Of all the entries below, retype only the lines from the one with "#2321=EDGE_CURVE('',#2047,#2045,#238,.T.);" through the one with "#3911=CARTESIAN_POINT('',(37.309,-3.403,0.));", exactly as they appear.
Supplied records section start
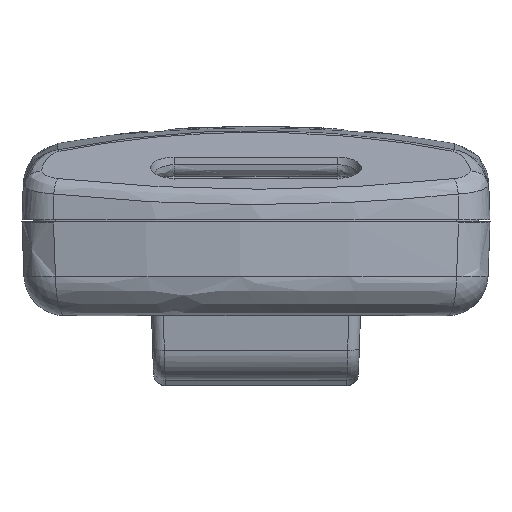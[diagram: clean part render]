
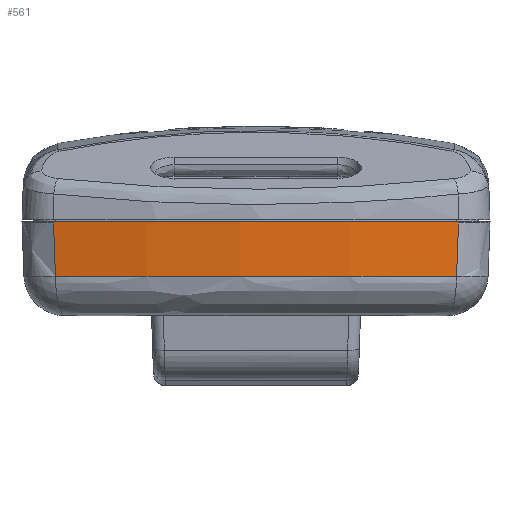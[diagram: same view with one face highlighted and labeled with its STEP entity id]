
A CAD part, front view. The second image highlights one B-rep face of the part: STEP entity #561.
In plain terms, the highlighted free-form (B-spline) face has degree [2, 1] with [7, 2] control points.
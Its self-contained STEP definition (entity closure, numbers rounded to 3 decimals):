
#176=(
BOUNDED_SURFACE()
B_SPLINE_SURFACE(2,1,((#3915,#3916),(#3917,#3918),(#3919,#3920),(#3921,
#3922),(#3923,#3924),(#3925,#3926),(#3927,#3928)),.UNSPECIFIED.,.F.,.F.,
 .F.)
B_SPLINE_SURFACE_WITH_KNOTS((3,2,2,3),(2,2),(0.,0.006,0.994,
1.),(0.,1.),.UNSPECIFIED.)
GEOMETRIC_REPRESENTATION_ITEM()
RATIONAL_B_SPLINE_SURFACE(((1.,1.),(1.,1.),(1.,1.),(0.973,0.973),
(1.,1.),(1.,1.),(1.,1.)))
REPRESENTATION_ITEM('')
SURFACE()
);
#238=(
BOUNDED_CURVE()
B_SPLINE_CURVE(3,(#3900,#3901,#3902,#3903,#3904),.UNSPECIFIED.,.F.,.F.)
B_SPLINE_CURVE_WITH_KNOTS((4,1,4),(0.,0.854,1.),
 .UNSPECIFIED.)
CURVE()
GEOMETRIC_REPRESENTATION_ITEM()
RATIONAL_B_SPLINE_CURVE((1.,1.,1.,
1.,1.))
REPRESENTATION_ITEM('')
);
#239=(
BOUNDED_CURVE()
B_SPLINE_CURVE(2,(#3906,#3907,#3908,#3909,#3910),.UNSPECIFIED.,.F.,.F.)
B_SPLINE_CURVE_WITH_KNOTS((3,1,1,3),(0.,0.,1.,
1.),.UNSPECIFIED.)
CURVE()
GEOMETRIC_REPRESENTATION_ITEM()
RATIONAL_B_SPLINE_CURVE((1.,1.,0.973,1.,1.))
REPRESENTATION_ITEM('')
);
#375=B_SPLINE_CURVE_WITH_KNOTS('',3,(#3873,#3874,#3875,#3876,#3877,#3878,
#3879,#3880,#3881,#3882,#3883,#3884,#3885,#3886,#3887,#3888,#3889,#3890,
#3891,#3892,#3893,#3894,#3895,#3896,#3897),.UNSPECIFIED.,.F.,.F.,(4,3,3,
3,3,3,3,3,4),(0.,0.057,0.12,0.247,
0.5,0.753,0.879,0.943,
1.),.UNSPECIFIED.);
#376=B_SPLINE_CURVE_WITH_KNOTS('',2,(#3912,#3913,#3914),.UNSPECIFIED.,.F.,
 .F.,(3,3),(0.,1.),.UNSPECIFIED.);
#561=ADVANCED_FACE('',(#795),#176,.T.);
#795=FACE_OUTER_BOUND('',#955,.T.);
#955=EDGE_LOOP('',(#1207,#1208,#1209,#1210));
#1207=ORIENTED_EDGE('',*,*,#2320,.F.);
#1208=ORIENTED_EDGE('',*,*,#2321,.F.);
#1209=ORIENTED_EDGE('',*,*,#2322,.T.);
#1210=ORIENTED_EDGE('',*,*,#2323,.F.);
#2045=VERTEX_POINT('',#3898);
#2046=VERTEX_POINT('',#3899);
#2047=VERTEX_POINT('',#3905);
#2048=VERTEX_POINT('',#3911);
#2320=EDGE_CURVE('',#2045,#2046,#375,.T.);
#2321=EDGE_CURVE('',#2047,#2045,#238,.T.);
#2322=EDGE_CURVE('',#2047,#2048,#239,.T.);
#2323=EDGE_CURVE('',#2046,#2048,#376,.T.);
#3873=CARTESIAN_POINT('',(2.859,-3.278,4.622));
#3874=CARTESIAN_POINT('',(3.495,-3.426,4.622));
#3875=CARTESIAN_POINT('',(4.143,-3.57,4.622));
#3876=CARTESIAN_POINT('',(4.789,-3.705,4.622));
#3877=CARTESIAN_POINT('',(5.504,-3.853,4.622));
#3878=CARTESIAN_POINT('',(6.219,-3.991,4.622));
#3879=CARTESIAN_POINT('',(6.938,-4.118,4.622));
#3880=CARTESIAN_POINT('',(8.374,-4.373,4.622));
#3881=CARTESIAN_POINT('',(9.818,-4.585,4.622));
#3882=CARTESIAN_POINT('',(11.267,-4.755,4.622));
#3883=CARTESIAN_POINT('',(14.165,-5.096,4.622));
#3884=CARTESIAN_POINT('',(17.082,-5.267,4.622));
#3885=CARTESIAN_POINT('',(20.,-5.267,4.622));
#3886=CARTESIAN_POINT('',(22.918,-5.267,4.622));
#3887=CARTESIAN_POINT('',(25.835,-5.096,4.622));
#3888=CARTESIAN_POINT('',(28.733,-4.755,4.622));
#3889=CARTESIAN_POINT('',(30.182,-4.585,4.622));
#3890=CARTESIAN_POINT('',(31.626,-4.373,4.622));
#3891=CARTESIAN_POINT('',(33.063,-4.118,4.622));
#3892=CARTESIAN_POINT('',(33.781,-3.991,4.622));
#3893=CARTESIAN_POINT('',(34.496,-3.853,4.622));
#3894=CARTESIAN_POINT('',(35.211,-3.705,4.622));
#3895=CARTESIAN_POINT('',(35.858,-3.57,4.622));
#3896=CARTESIAN_POINT('',(36.506,-3.426,4.622));
#3897=CARTESIAN_POINT('',(37.142,-3.278,4.622));
#3898=CARTESIAN_POINT('',(2.859,-3.278,4.622));
#3899=CARTESIAN_POINT('',(37.141,-3.278,4.622));
#3900=CARTESIAN_POINT('',(2.691,-3.403,0.));
#3901=CARTESIAN_POINT('',(2.738,-3.367,1.316));
#3902=CARTESIAN_POINT('',(2.794,-3.325,2.857));
#3903=CARTESIAN_POINT('',(2.85,-3.283,4.398));
#3904=CARTESIAN_POINT('',(2.858,-3.277,4.622));
#3905=CARTESIAN_POINT('',(2.691,-3.403,0.));
#3906=CARTESIAN_POINT('',(2.691,-3.403,0.));
#3907=CARTESIAN_POINT('',(2.691,-3.404,0.));
#3908=CARTESIAN_POINT('',(20.,-7.509,0.));
#3909=CARTESIAN_POINT('',(37.309,-3.404,0.));
#3910=CARTESIAN_POINT('',(37.309,-3.403,0.));
#3911=CARTESIAN_POINT('',(37.309,-3.403,0.));
#3912=CARTESIAN_POINT('',(37.142,-3.277,4.622));
#3913=CARTESIAN_POINT('',(37.226,-3.34,2.311));
#3914=CARTESIAN_POINT('',(37.309,-3.403,0.));
#3915=CARTESIAN_POINT('',(37.474,-3.198,4.65));
#3916=CARTESIAN_POINT('',(37.511,-3.356,0.));
#3917=CARTESIAN_POINT('',(37.372,-3.222,4.65));
#3918=CARTESIAN_POINT('',(37.41,-3.38,0.));
#3919=CARTESIAN_POINT('',(37.27,-3.246,4.65));
#3920=CARTESIAN_POINT('',(37.308,-3.404,0.));
#3921=CARTESIAN_POINT('',(20.,-7.342,4.65));
#3922=CARTESIAN_POINT('',(20.,-7.509,0.));
#3923=CARTESIAN_POINT('',(2.73,-3.246,4.65));
#3924=CARTESIAN_POINT('',(2.692,-3.404,0.));
#3925=CARTESIAN_POINT('',(2.628,-3.222,4.65));
#3926=CARTESIAN_POINT('',(2.59,-3.38,0.));
#3927=CARTESIAN_POINT('',(2.526,-3.198,4.65));
#3928=CARTESIAN_POINT('',(2.489,-3.356,0.));
Supplied records section end
| Expected output |
#2321=EDGE_CURVE('',#2047,#2045,#238,.T.);
#2322=EDGE_CURVE('',#2047,#2048,#239,.T.);
#2323=EDGE_CURVE('',#2046,#2048,#376,.T.);
#3873=CARTESIAN_POINT('',(2.859,-3.278,4.622));
#3874=CARTESIAN_POINT('',(3.495,-3.426,4.622));
#3875=CARTESIAN_POINT('',(4.143,-3.57,4.622));
#3876=CARTESIAN_POINT('',(4.789,-3.705,4.622));
#3877=CARTESIAN_POINT('',(5.504,-3.853,4.622));
#3878=CARTESIAN_POINT('',(6.219,-3.991,4.622));
#3879=CARTESIAN_POINT('',(6.938,-4.118,4.622));
#3880=CARTESIAN_POINT('',(8.374,-4.373,4.622));
#3881=CARTESIAN_POINT('',(9.818,-4.585,4.622));
#3882=CARTESIAN_POINT('',(11.267,-4.755,4.622));
#3883=CARTESIAN_POINT('',(14.165,-5.096,4.622));
#3884=CARTESIAN_POINT('',(17.082,-5.267,4.622));
#3885=CARTESIAN_POINT('',(20.,-5.267,4.622));
#3886=CARTESIAN_POINT('',(22.918,-5.267,4.622));
#3887=CARTESIAN_POINT('',(25.835,-5.096,4.622));
#3888=CARTESIAN_POINT('',(28.733,-4.755,4.622));
#3889=CARTESIAN_POINT('',(30.182,-4.585,4.622));
#3890=CARTESIAN_POINT('',(31.626,-4.373,4.622));
#3891=CARTESIAN_POINT('',(33.063,-4.118,4.622));
#3892=CARTESIAN_POINT('',(33.781,-3.991,4.622));
#3893=CARTESIAN_POINT('',(34.496,-3.853,4.622));
#3894=CARTESIAN_POINT('',(35.211,-3.705,4.622));
#3895=CARTESIAN_POINT('',(35.858,-3.57,4.622));
#3896=CARTESIAN_POINT('',(36.506,-3.426,4.622));
#3897=CARTESIAN_POINT('',(37.142,-3.278,4.622));
#3898=CARTESIAN_POINT('',(2.859,-3.278,4.622));
#3899=CARTESIAN_POINT('',(37.141,-3.278,4.622));
#3900=CARTESIAN_POINT('',(2.691,-3.403,0.));
#3901=CARTESIAN_POINT('',(2.738,-3.367,1.316));
#3902=CARTESIAN_POINT('',(2.794,-3.325,2.857));
#3903=CARTESIAN_POINT('',(2.85,-3.283,4.398));
#3904=CARTESIAN_POINT('',(2.858,-3.277,4.622));
#3905=CARTESIAN_POINT('',(2.691,-3.403,0.));
#3906=CARTESIAN_POINT('',(2.691,-3.403,0.));
#3907=CARTESIAN_POINT('',(2.691,-3.404,0.));
#3908=CARTESIAN_POINT('',(20.,-7.509,0.));
#3909=CARTESIAN_POINT('',(37.309,-3.404,0.));
#3910=CARTESIAN_POINT('',(37.309,-3.403,0.));
#3911=CARTESIAN_POINT('',(37.309,-3.403,0.));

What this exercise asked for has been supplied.